**YOUR ASSIGNMENT**
Quote the data exactly, first line to the line containing "Total Units [instance] = 3", with no pictures.

**EXTRACTED INFORMATION**
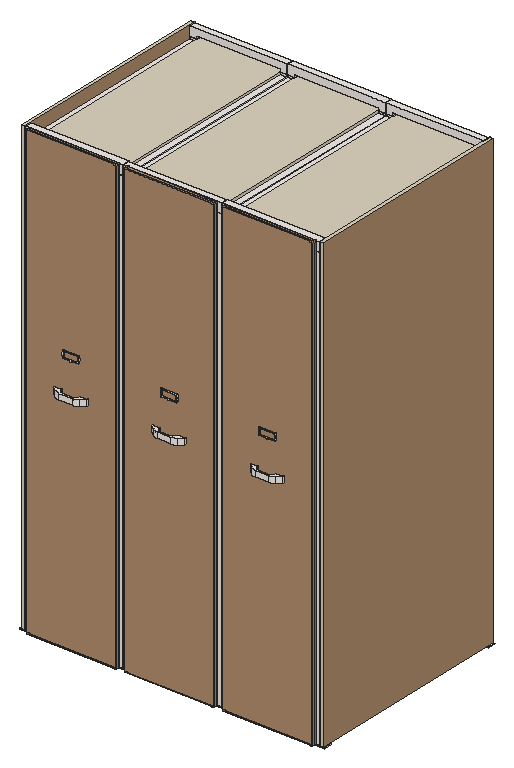
Revit family "MusicLibrarySystem_Wenger_7-Shelf_System", category Furniture, Revit 2015
Parameters (values of type "Oversized")
  URL = "https://www.wengercorp.com/"
  Type Comments = "7 Shelf Oversized <COUNT> Units"
  Total Units [instance] = 3
  Test Data = ""
  Specification = "http://www.arcat.com/sdspecs/htm04/12_35_83wen.htm"
  Show Open [instance] = no
  Shelf Finish = Wenger Oyster (Use Oyster Edge Band Only)
  Shelf Depth = 2' - 10 1/2"
  Sales Information = "https://www.wengercorp.com/contact-us.php"
  Revision = "R1_2018-04"
  Product Data = "http://www.arcat.com/arcatcos/cos36/arc36487.html"
  Overall Width [instance] = (Unit Width * Total Units) + 0' 3"  # 5' - 0"
  Model = "7 Shelf Oversized"
  Manufacturer Website = "https://www.wengercorp.com/"
  Manufacturer Phone - Toll Free = "800-4WENGER"
  Manufacturer Phone = "(507) 455-4100"
  Manufacturer Fax = "(507) 455-4258"
  Manufacturer Address = "555 Park Dr., Owatonna, MN 55060"
  Manufacturer = "Wenger Corporation"
  Keynote = "12 35 83"
  Height = 7' - 8"
  Green Building-LEED = "http://www.arcat.com/green/clients/leed_data_36487.html"
  Panel Thickness = 0' - 0 3/4"
  Panel RH [instance] = yes
  Panel LH [instance] = yes
  Panel Finish [instance] = Wenger Cherry (Use Cherry Edge Band Only)
  Open Position [instance] = if((Show Open), 6' 7 1/4", Depth)  # 3' - 7 1/4"
  Height to Bottom Shelf = 0' - 8"
  Tubular Frame Width = 0' - 1 1/2"
  Unit Width = 1' - 7"
  Hardware Finish = Metal - White Powdercoat
  Frame Finish = Metal - White Powdercoat
  Floor Offset = 0' - 0 1/8"
  Edge Banding Finish = Wenger Oyster (Use Oyster Edge Band Only)
  Drawn By = "Sumex Design, Inc. / Robert S. Weygant, CSI, CDT, SCIP"
  Description = "Wenger 7 Shelf Oversized Music Library System"
  Depth = 3' - 7 1/4"
  Cost = 0
  Copyright = "© 2018 Arcat Inc."
  Construction Details = "http://www.arcat.com/details/wengerco/wengerco.html?coid=36487"
  VizCompForRO [instance] = Unit Width + (0' 3" / Total Units)  # 1' - 8"
  Assembly Code = "E2010200"
Types (2): name | Type Comments | Overall Width | Model | Unit Width | Description | VizCompForRO
  Oversized | "7 Shelf Oversized <COUNT> Units" | 5' - 0" | "7 Shelf Oversized" | 1' - 7" | "Wenger 7 Shelf Oversized Music Library System" | 1' - 8"
  UltraStor | "7 Shelf Standard <COUNT> Units" | 4' - 3" | "7 Shelf Standard" | 1' - 4" | "Wenger 7 Shelf Standard Music Library System" | 1' - 5"
Reference planes (in)
  plane 1 "Back": y = 5.3893222
  plane 2: z = 0
  plane 3 "Center (Left/Right)": x = -13.0500945
  plane 4 "Top": z = 92.125
  plane 5 "BO Frame": z = 0.125
  plane 6: x = -43.0500945
  plane 7: x = 16.9499054
  plane 8: y = -37.8606778
  plane 9: x = -23.0500945
  plane 10: x = 17.6999054
  plane 11: x = -43.8000945
Forms (in)
  Extrusion 1, solid, material "Wenger Cherry (Use Cherry Edge Band Only)" <- "Panel Finish", visible <- "Panel LH"
    sketch origin (0, 0, 0.125) x (-1, 0, 0) y (0, -1, 0)
      loop
        line (43.8000945, -5.3893222) -> (43.8000945, 37.8606778) -> (43.0500945, 37.8606778) -> (43.0500945, -5.3893222) -> (43.8000945, -5.3893222)
    from 0 to 92
  Extrusion 2, solid, material "Wenger Cherry (Use Cherry Edge Band Only)" <- "Panel Finish", visible <- "Panel RH"
    sketch origin (0, 0, 0.125) x (-1, 0, 0) y (0, -1, 0)
      loop
        line (-16.9499055, -5.3893222) -> (-16.9499055, 37.8606778) -> (-17.6999055, 37.8606778) -> (-17.6999055, -5.3893222) -> (-16.9499055, -5.3893222)
    from 0 to 92
Lines and regions (in)
  Masking region 1
    outline origin (0, 0, 92.125) x (0, -1, 0) y (1, 0, 0)
      loop
        line (-5.3893222, -43.0500945) -> (37.8606778, -43.0500945) -> (37.8606778, 16.9499055) -> (-5.3893222, 16.9499055) -> (-5.3893222, -43.0500945)
  Masking region 2, visible <- "Panel LH"
    outline origin (0, 0, 0.125) x (-1, 0, 0) y (0, -1, 0)
      loop
        line (43.8000945, -5.3893222) -> (43.8000945, 37.8606778) -> (43.0500945, 37.8606778) -> (43.0500945, -5.3893222) -> (43.8000945, -5.3893222)
  Masking region 3, visible <- "Panel RH"
    outline origin (0, 0, 0.125) x (-1, 0, 0) y (0, -1, 0)
      loop
        line (-16.9499055, -5.3893222) -> (-16.9499055, 37.8606778) -> (-17.6999055, 37.8606778) -> (-17.6999055, -5.3893222) -> (-16.9499055, -5.3893222)
Dimensions and locks (in)
  "Floor Offset": plane 5 "BO Frame" to level
  "Height": plane 4 "Top" to plane 5 "BO Frame"
  "Depth": plane 1 "Back" to plane 8
  "Overall Width": plane 6 to plane 7
  "VizCompForRO": plane 6 to plane 9
  equal spacing: group 1, group 2, group 3  (x3)
  "Panel Thickness": plane 11 to plane 6
  "Panel Thickness": plane 7 to plane 10
  equal spacing: plane 6, plane 3 "Center (Left/Right)", plane 7
  "Depth": Masking region 1 sketch curve to plane 1 "Back"
  equal spacing: plane 8, nested 4, plane 1 "Back"
  aligned and locked: plane 2 to level
  aligned and locked: nested 1 to plane 1 "Back"
  aligned and locked: level to nested 1
  aligned and locked: level to nested 2
  aligned and locked: nested 2 to plane 1 "Back"
  aligned and locked: Extrusion 1 sketch curve to plane 6
  aligned and locked: plane 8 to Extrusion 1 sketch curve
  aligned and locked: plane 1 "Back" to Extrusion 1 sketch curve
  aligned and locked: plane 11 to Extrusion 1 sketch curve
  aligned and locked: plane 4 "Top" to Extrusion 1
  aligned and locked: Extrusion 1 to plane 5 "BO Frame"
  aligned and locked: plane 8 to Extrusion 2 sketch curve
  aligned and locked: plane 7 to Extrusion 2 sketch curve
  aligned and locked: plane 1 "Back" to Extrusion 2 sketch curve
  aligned and locked: Extrusion 2 sketch curve to plane 10
  aligned and locked: Extrusion 2 to plane 5 "BO Frame"
  aligned and locked: plane 4 "Top" to Extrusion 2
  aligned and locked: plane 1 "Back" to Masking region 1 sketch curve
  aligned and locked: plane 6 to Masking region 1 sketch curve
  aligned and locked: Masking region 1 sketch curve to plane 7
  aligned and locked: Masking region 2 sketch curve to plane 6
  aligned and locked: plane 1 "Back" to Masking region 2 sketch curve
  aligned and locked: plane 8 to Masking region 2 sketch curve
  aligned and locked: plane 11 to Masking region 2 sketch curve
  aligned and locked: plane 8 to Masking region 3 sketch curve
  aligned and locked: plane 1 "Back" to Masking region 3 sketch curve
  aligned and locked: plane 7 to Masking region 3 sketch curve
  aligned and locked: Masking region 3 sketch curve to plane 10
  aligned and locked: plane 3 "Center (Left/Right)" to nested 4
  aligned and locked: plane 6 to nested 1
  aligned and locked: plane 9 to nested 2
Nested families (in)
  nested 1: "MusicLibrarySystem_Wenger_7-Shelf_Component" at (-33.0500945, -16.3606778, 0), Panel Finish <- "Panel Finish", Show Open <- "Show Open", type "MusicLibrarySystem_Wenger_7-Shelf_Component"
    with Show Open no, Panel Finish Wenger Cherry (Use Cherry Edge Band Only), Open Position 3' - 7 1/4", Height 7' - 8", Overall Width 1' - 8"
  nested 2: "MusicLibrarySystem_Wenger_7-Shelf_Component" at (-13.0500945, -16.3606778, 0), Panel Finish <- "Panel Finish", Show Open <- "Show Open", type "MusicLibrarySystem_Wenger_7-Shelf_Component"
    with Show Open no, Panel Finish Wenger Cherry (Use Cherry Edge Band Only), Open Position 3' - 7 1/4", Height 7' - 8", Overall Width 1' - 8"
  nested 3: "MusicLibrarySystem_Wenger_7-Shelf_Component" at (6.9499054, -16.3606778, 0), Panel Finish <- "Panel Finish", Show Open <- "Show Open", type "MusicLibrarySystem_Wenger_7-Shelf_Component"
    with Show Open no, Panel Finish Wenger Cherry (Use Cherry Edge Band Only), Open Position 3' - 7 1/4", Height 7' - 8", Overall Width 1' - 8"
  nested 4: "Labels" at (-13.0500945, -16.2356778, 0), type "Labels"
Definition of nested family "MusicLibrarySystem_Wenger_7-Shelf_Component"
  Parameters (values of type "MusicLibrarySystem_Wenger_7-Shelf_Component")
    Test Data = ""
    Specification = ""
    Show Open [instance] = yes
    Shelf Finish = none
    Shelf Depth = 2' - 10 1/2"
    Sales Information = ""
    Revision = ""
    Product Data = ""
    Manufacturer Website = ""
    Manufacturer Phone - Toll Free = ""
    Manufacturer Phone = ""
    Manufacturer Fax = ""
    Manufacturer Address = ""
    Keynote = "12 35 83"
    Installation-Fabrication = ""
    Green Building-LEED = ""
    Frame RH = yes
    Panel Thickness = 0' - 0 3/4"
    Panel RH = yes
    Panel LH = yes
    Panel Finish [instance] = none
    Open Position [instance] = if((Show Open), 6' 7 1/4", Depth)  # 6' - 7 1/4"
    Frame LH = yes
    Height to Bottom Shelf = 0' - 8"
    Height = 7' - 8 1/2"
    Tubular Frame Width = 0' - 1 1/2"
    Overall Width = 1' - 7"
    Hardware Finish = none
    Frame Finish = none
    FootViz RH = and(Floor Offset < 0' 0 1/2", Frame RH)  # yes
    FootViz LH = and(Floor Offset < 0' 0 1/2", Frame LH)  # yes
    Floor Offset = 0' - 0 1/8"
    Edge Banding Finish = none
    Drawn By = ""
    Depth = 3' - 7 1/4"
    Copyright = ""
    Construction Details = ""
    Category = ""
    Building Codes = ""
  Reference planes (in)
    plane 1 "Center (Front/Back)": y = 0.125
    plane 2: z = 0
    plane 3 "Center (Left/Right)": x = 0
    plane 4 "Frame Back": y = 21.75
    plane 5 "Frame Front": y = -21.5
    plane 6 "LEFT ECP INSIDE": x = -8
    plane 7 "LEFT ECP OUTSIDE": x = -9.5
    plane 8 "RIGHT ECP INSIDE": x = 8
    plane 9 "RIGHT ECP OUTSIDE": x = 9.5
    plane 10: z = 92.625
    plane 11: z = 55.2142857
    plane 12: z = 43.4107143
    plane 13: z = 31.6071429
    plane 14: z = 19.8035714
    plane 15 "Bottom Shelf": z = 8
    plane 16: z = 67.0178571
    plane 17 "Carriage Front": y = -57.5
    plane 18 "Carriage Back": y = -23
    plane 19 "Door Front": y = -58.25
    plane 20: y = 20.25
    plane 21: y = -20
    plane 22: z = 8.75
    plane 23: z = 7.25
    plane 24: z = 90.625
    plane 25 "Handle Height": z = 46.125
    plane 26: y = -59.625
    plane 27: z = 53.125
    plane 28 "BO Frame": z = 0.125
    plane 29: x = -10.25
    plane 30: x = 10.25
    plane 31: x = -8.75
    plane 32: x = 8.75
    plane 33: z = 78.8214286
  Forms (in)
    Extrusion 1, solid, material <- "Frame Finish", visible <- "Frame LH"
      sketch origin (0, 0, 0) x (1, 0, 0) y (0, 1, 0)
        loop
          line (-9.5, 21.75) -> (-9.5, 20.25) -> (-8, 20.25) -> (-8, 21.75) -> (-9.5, 21.75)
        loop
          line (-9.4375, 21.6875) -> (-9.4375, 20.3125) -> (-8.0625, 20.3125) -> (-8.0625, 21.6875) -> (-9.4375, 21.6875)
        loop
          line (-9.5, -20) -> (-9.5, -21.5) -> (-8, -21.5) -> (-8, -20) -> (-9.5, -20)
        loop
          line (-9.4375, -20.0625) -> (-9.4375, -21.4375) -> (-8.0625, -21.4375) -> (-8.0625, -20.0625) -> (-9.4375, -20.0625)
      from 0.125 to 90.625
    Extrusion 2, solid, material <- "Frame Finish", visible <- "Frame RH"
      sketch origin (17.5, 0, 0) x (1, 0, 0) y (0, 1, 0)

**OUTPUT**
Revit family "MusicLibrarySystem_Wenger_7-Shelf_System", category Furniture, Revit 2015
Parameters (values of type "Oversized")
  URL = "https://www.wengercorp.com/"
  Type Comments = "7 Shelf Oversized <COUNT> Units"
  Total Units [instance] = 3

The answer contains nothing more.